What you will do:
Transcribe exactly the lines from the top of the records below through the line that holds "doc.styles.add('STYL_AUTOMATYCZNY_1', font='arial.ttf')", both included, with no pictures.

START Input for this task

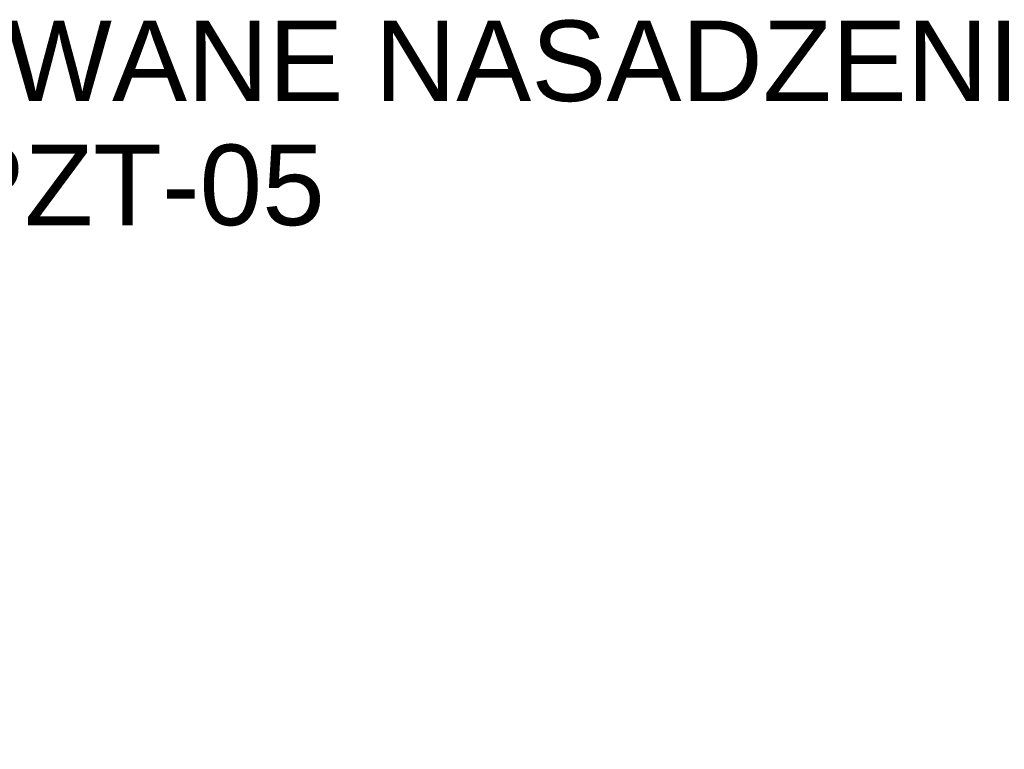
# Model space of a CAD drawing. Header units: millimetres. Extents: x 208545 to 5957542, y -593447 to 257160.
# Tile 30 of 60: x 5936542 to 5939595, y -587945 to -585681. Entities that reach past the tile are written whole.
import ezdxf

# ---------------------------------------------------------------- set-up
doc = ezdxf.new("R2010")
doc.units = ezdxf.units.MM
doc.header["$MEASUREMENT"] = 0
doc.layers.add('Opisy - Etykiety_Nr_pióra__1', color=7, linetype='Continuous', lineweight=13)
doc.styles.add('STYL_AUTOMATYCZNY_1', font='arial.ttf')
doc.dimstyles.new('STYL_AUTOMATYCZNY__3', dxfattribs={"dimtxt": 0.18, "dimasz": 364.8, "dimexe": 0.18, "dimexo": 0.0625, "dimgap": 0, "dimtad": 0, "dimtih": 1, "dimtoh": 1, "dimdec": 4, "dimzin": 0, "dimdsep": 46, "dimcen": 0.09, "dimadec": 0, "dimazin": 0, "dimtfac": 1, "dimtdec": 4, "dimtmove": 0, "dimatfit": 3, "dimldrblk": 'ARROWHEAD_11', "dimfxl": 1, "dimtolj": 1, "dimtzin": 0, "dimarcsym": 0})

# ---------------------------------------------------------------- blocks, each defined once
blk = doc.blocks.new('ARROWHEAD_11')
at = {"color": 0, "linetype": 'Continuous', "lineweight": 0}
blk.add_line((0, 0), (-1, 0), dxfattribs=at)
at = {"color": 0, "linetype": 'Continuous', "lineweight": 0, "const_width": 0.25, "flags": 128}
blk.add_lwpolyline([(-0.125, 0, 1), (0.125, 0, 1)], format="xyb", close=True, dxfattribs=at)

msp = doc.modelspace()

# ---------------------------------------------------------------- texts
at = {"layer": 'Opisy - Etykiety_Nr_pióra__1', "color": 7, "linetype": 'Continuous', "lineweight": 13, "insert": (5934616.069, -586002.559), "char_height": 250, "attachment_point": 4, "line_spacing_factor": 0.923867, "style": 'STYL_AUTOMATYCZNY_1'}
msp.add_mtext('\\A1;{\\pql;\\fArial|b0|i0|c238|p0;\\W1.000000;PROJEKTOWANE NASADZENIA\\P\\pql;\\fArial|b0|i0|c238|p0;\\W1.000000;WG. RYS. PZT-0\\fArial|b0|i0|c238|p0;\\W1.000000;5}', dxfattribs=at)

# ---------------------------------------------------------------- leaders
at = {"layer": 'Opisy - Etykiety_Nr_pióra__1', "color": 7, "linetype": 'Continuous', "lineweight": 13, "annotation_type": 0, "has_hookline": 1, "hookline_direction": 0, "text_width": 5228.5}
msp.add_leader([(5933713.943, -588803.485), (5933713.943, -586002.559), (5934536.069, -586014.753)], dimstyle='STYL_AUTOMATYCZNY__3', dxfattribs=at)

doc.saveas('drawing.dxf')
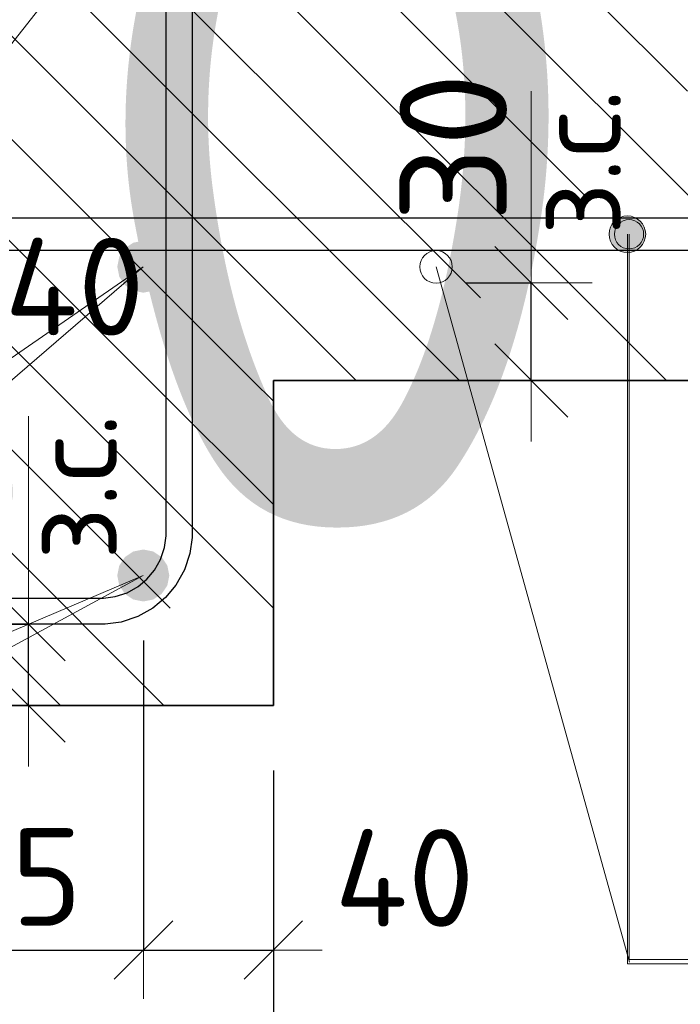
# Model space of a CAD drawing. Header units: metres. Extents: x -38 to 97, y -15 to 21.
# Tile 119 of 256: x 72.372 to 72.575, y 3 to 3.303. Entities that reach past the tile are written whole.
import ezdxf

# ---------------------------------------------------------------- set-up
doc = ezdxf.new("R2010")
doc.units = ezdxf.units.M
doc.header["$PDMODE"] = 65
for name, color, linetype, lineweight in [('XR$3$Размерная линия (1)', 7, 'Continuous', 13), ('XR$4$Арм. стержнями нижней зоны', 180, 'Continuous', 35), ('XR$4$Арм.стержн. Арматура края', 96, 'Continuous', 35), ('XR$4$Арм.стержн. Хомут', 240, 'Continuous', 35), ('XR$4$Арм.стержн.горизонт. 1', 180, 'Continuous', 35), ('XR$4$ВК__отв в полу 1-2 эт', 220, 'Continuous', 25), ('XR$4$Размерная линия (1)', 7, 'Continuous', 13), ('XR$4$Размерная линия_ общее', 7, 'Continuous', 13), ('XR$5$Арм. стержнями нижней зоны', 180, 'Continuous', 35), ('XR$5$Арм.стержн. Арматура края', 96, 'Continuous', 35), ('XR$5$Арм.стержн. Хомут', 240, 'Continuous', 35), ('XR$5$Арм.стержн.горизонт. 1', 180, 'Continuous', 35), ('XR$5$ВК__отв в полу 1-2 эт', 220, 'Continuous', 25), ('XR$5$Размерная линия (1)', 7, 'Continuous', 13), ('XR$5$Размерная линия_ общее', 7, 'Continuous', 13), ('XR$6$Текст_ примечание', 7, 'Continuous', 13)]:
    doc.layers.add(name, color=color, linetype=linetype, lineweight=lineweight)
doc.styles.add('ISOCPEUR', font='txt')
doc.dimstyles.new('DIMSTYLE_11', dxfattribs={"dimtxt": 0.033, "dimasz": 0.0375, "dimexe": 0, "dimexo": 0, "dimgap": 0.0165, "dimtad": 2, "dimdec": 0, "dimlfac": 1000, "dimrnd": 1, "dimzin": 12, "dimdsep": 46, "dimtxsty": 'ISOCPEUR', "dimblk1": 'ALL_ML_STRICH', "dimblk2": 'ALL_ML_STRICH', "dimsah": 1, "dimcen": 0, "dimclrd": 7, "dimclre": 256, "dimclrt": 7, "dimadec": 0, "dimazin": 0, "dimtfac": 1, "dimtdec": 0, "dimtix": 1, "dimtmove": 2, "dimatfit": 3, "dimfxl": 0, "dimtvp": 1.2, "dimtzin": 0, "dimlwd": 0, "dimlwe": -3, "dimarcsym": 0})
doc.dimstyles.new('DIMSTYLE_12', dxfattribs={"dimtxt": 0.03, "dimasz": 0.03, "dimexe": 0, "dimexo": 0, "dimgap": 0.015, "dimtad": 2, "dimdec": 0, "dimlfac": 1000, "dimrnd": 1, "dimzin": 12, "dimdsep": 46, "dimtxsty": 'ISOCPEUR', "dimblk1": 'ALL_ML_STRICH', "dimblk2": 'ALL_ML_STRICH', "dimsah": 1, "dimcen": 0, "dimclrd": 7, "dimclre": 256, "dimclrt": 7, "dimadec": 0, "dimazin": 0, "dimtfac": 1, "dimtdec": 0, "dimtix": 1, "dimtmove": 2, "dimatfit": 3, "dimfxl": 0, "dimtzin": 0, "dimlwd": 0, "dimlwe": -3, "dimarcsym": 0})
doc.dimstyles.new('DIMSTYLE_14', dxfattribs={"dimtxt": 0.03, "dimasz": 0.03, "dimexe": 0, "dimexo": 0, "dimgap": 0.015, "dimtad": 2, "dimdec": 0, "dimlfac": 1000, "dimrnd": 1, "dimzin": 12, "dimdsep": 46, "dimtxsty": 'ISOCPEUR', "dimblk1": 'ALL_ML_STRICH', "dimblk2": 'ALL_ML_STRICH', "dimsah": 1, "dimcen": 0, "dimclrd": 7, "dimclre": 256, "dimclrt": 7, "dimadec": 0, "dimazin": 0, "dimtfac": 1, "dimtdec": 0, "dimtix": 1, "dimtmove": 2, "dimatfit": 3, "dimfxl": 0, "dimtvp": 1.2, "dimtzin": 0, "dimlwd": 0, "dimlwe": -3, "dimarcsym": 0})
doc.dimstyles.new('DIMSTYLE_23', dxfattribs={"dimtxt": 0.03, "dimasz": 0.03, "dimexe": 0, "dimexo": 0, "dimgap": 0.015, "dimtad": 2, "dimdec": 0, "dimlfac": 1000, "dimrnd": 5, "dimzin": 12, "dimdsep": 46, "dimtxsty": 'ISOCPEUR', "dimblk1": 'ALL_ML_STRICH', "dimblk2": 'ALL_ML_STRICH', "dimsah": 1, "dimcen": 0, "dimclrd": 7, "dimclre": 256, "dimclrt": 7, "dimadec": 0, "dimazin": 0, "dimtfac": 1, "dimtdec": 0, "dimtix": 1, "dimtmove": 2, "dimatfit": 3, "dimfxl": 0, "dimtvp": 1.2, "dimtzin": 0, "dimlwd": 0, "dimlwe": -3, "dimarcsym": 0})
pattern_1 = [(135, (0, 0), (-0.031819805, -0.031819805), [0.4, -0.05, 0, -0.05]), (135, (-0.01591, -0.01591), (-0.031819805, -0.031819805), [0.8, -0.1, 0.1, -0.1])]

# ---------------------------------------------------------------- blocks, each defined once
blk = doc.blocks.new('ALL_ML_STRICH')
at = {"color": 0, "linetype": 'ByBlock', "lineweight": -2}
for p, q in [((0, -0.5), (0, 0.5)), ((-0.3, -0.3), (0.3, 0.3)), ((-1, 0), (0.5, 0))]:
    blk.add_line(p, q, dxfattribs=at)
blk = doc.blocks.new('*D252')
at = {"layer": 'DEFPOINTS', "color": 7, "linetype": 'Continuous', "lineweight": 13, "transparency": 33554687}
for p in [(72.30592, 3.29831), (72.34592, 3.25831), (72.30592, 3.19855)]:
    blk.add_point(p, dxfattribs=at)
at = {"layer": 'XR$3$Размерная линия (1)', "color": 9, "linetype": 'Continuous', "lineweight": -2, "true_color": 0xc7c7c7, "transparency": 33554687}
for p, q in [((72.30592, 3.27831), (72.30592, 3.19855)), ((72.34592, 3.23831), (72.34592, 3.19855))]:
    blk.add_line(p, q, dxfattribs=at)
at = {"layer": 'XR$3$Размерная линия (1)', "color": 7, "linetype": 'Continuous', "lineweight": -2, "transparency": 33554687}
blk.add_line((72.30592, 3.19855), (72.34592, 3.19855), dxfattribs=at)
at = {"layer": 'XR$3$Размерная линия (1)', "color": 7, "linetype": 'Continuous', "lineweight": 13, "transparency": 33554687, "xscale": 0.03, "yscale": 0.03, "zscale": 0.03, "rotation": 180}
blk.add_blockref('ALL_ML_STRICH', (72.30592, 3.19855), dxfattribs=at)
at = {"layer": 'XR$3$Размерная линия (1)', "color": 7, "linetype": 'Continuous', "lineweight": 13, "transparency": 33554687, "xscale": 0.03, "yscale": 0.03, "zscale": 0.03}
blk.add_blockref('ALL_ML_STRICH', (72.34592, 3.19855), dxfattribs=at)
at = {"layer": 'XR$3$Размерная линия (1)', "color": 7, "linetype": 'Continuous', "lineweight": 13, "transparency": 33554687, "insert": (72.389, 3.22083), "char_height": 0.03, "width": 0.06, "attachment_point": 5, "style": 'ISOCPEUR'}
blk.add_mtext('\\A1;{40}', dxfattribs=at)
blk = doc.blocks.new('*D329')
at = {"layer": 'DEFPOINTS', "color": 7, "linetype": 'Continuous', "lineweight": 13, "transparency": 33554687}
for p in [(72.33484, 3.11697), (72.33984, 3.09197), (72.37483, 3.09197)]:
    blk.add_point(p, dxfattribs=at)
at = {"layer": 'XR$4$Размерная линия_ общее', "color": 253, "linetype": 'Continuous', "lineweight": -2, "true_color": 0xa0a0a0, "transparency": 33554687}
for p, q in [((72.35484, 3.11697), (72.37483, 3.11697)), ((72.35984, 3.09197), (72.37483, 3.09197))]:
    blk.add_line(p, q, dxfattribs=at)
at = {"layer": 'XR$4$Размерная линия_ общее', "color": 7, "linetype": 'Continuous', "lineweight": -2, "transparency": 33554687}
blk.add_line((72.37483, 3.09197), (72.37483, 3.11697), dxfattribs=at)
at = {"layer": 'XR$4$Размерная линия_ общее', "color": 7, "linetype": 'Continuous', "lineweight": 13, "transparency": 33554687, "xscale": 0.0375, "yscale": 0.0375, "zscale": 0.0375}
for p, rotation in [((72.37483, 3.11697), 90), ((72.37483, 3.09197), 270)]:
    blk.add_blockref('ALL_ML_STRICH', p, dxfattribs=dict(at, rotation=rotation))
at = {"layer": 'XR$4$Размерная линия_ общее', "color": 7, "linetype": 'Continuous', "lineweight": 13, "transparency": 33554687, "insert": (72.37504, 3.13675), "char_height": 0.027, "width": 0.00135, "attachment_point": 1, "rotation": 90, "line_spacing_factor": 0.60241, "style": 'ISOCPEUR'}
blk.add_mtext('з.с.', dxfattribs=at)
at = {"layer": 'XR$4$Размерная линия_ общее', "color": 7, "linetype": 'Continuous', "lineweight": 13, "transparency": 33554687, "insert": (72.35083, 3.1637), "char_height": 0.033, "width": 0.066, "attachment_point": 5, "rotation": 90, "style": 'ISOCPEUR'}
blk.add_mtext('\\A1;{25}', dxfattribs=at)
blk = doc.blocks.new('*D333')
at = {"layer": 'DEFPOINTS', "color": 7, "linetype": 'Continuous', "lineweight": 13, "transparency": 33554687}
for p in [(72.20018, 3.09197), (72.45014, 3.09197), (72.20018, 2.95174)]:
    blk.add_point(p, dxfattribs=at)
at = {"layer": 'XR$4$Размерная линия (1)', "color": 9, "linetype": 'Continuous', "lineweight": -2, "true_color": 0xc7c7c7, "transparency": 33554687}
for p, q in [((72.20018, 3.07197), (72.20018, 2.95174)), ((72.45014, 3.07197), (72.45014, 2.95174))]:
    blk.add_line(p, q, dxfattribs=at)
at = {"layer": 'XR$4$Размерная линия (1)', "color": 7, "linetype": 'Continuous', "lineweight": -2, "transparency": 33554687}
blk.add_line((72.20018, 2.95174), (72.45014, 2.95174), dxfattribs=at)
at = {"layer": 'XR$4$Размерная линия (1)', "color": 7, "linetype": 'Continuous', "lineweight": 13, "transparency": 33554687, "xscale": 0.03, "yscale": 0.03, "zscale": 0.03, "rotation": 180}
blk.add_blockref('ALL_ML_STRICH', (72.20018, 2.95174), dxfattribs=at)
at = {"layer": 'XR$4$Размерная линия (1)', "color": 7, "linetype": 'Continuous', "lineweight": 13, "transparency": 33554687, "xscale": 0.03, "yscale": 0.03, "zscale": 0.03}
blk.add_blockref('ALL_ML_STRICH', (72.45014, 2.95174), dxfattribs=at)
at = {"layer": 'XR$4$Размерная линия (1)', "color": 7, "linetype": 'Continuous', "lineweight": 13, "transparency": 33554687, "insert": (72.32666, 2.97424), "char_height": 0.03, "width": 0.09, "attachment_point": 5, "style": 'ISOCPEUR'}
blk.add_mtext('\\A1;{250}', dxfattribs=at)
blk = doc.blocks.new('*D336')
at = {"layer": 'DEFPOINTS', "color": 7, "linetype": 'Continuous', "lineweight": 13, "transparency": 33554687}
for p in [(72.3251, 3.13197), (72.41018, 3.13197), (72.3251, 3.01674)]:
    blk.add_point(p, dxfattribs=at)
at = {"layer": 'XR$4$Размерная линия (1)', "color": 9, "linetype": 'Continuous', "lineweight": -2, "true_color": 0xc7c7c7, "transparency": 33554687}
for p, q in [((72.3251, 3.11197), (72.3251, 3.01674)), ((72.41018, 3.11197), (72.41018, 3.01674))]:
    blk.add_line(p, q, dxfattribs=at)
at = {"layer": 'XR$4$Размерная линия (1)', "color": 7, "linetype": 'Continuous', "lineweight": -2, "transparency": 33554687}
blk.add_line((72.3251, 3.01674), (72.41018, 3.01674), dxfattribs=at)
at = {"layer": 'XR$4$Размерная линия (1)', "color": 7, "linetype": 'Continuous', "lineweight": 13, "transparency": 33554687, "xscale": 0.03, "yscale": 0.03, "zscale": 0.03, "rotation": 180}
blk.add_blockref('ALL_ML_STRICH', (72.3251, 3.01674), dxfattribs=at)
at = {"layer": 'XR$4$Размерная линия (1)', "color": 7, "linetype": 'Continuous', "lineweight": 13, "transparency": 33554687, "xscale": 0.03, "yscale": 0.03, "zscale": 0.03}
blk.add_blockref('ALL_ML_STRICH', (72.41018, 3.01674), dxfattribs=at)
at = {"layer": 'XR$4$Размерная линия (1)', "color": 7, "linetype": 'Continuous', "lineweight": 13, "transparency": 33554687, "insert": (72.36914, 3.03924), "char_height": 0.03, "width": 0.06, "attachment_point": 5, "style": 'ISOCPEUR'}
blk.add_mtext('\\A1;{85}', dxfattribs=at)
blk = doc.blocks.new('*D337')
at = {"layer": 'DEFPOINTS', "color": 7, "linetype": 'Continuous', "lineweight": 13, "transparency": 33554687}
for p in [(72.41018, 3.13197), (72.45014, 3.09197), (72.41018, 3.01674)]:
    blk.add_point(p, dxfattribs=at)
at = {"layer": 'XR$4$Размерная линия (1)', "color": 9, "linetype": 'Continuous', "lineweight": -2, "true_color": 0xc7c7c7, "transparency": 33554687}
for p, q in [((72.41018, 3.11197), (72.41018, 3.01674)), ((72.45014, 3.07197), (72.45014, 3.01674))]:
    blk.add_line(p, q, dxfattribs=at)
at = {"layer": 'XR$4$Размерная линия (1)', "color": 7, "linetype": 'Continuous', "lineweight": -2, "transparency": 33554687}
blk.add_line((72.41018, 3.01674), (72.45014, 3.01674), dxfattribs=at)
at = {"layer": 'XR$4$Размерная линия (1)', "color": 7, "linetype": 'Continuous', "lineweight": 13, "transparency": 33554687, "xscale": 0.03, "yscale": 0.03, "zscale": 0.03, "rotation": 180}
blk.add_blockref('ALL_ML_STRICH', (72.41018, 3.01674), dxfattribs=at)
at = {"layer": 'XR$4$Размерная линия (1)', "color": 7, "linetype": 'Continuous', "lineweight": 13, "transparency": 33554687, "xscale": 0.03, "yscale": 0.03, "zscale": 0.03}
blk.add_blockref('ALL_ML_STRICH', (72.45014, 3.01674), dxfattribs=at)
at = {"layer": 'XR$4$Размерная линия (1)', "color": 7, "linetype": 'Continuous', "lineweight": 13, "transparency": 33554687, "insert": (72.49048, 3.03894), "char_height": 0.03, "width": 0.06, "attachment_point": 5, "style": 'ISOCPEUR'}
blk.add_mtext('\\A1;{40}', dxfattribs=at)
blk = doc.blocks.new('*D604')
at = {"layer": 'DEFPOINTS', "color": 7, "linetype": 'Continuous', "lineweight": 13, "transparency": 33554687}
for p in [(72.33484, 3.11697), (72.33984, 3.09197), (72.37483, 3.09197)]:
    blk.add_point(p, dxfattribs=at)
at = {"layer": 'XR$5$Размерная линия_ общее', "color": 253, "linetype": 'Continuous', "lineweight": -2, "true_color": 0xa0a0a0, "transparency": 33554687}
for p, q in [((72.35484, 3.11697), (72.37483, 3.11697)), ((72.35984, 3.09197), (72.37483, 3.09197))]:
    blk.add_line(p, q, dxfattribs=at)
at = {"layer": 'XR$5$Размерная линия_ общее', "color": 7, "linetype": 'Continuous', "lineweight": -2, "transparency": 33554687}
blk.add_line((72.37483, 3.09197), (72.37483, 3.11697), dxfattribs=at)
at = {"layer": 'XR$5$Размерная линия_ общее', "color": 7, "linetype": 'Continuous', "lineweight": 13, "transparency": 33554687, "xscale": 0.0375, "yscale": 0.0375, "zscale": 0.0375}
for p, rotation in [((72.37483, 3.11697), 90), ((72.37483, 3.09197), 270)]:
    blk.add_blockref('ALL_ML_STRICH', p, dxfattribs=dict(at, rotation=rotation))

END Input for this task

Answer for the task:
# Model space of a CAD drawing. Header units: millimetres. Extents: x 208545 to 5957542, y -593447 to 257160.
# Tile 30 of 60: x 5936542 to 5939595, y -587945 to -585681. Entities that reach past the tile are written whole.
import ezdxf

# ---------------------------------------------------------------- set-up
doc = ezdxf.new("R2010")
doc.units = ezdxf.units.MM
doc.header["$MEASUREMENT"] = 0
doc.layers.add('Opisy - Etykiety_Nr_pióra__1', color=7, linetype='Continuous', lineweight=13)
doc.styles.add('STYL_AUTOMATYCZNY_1', font='arial.ttf')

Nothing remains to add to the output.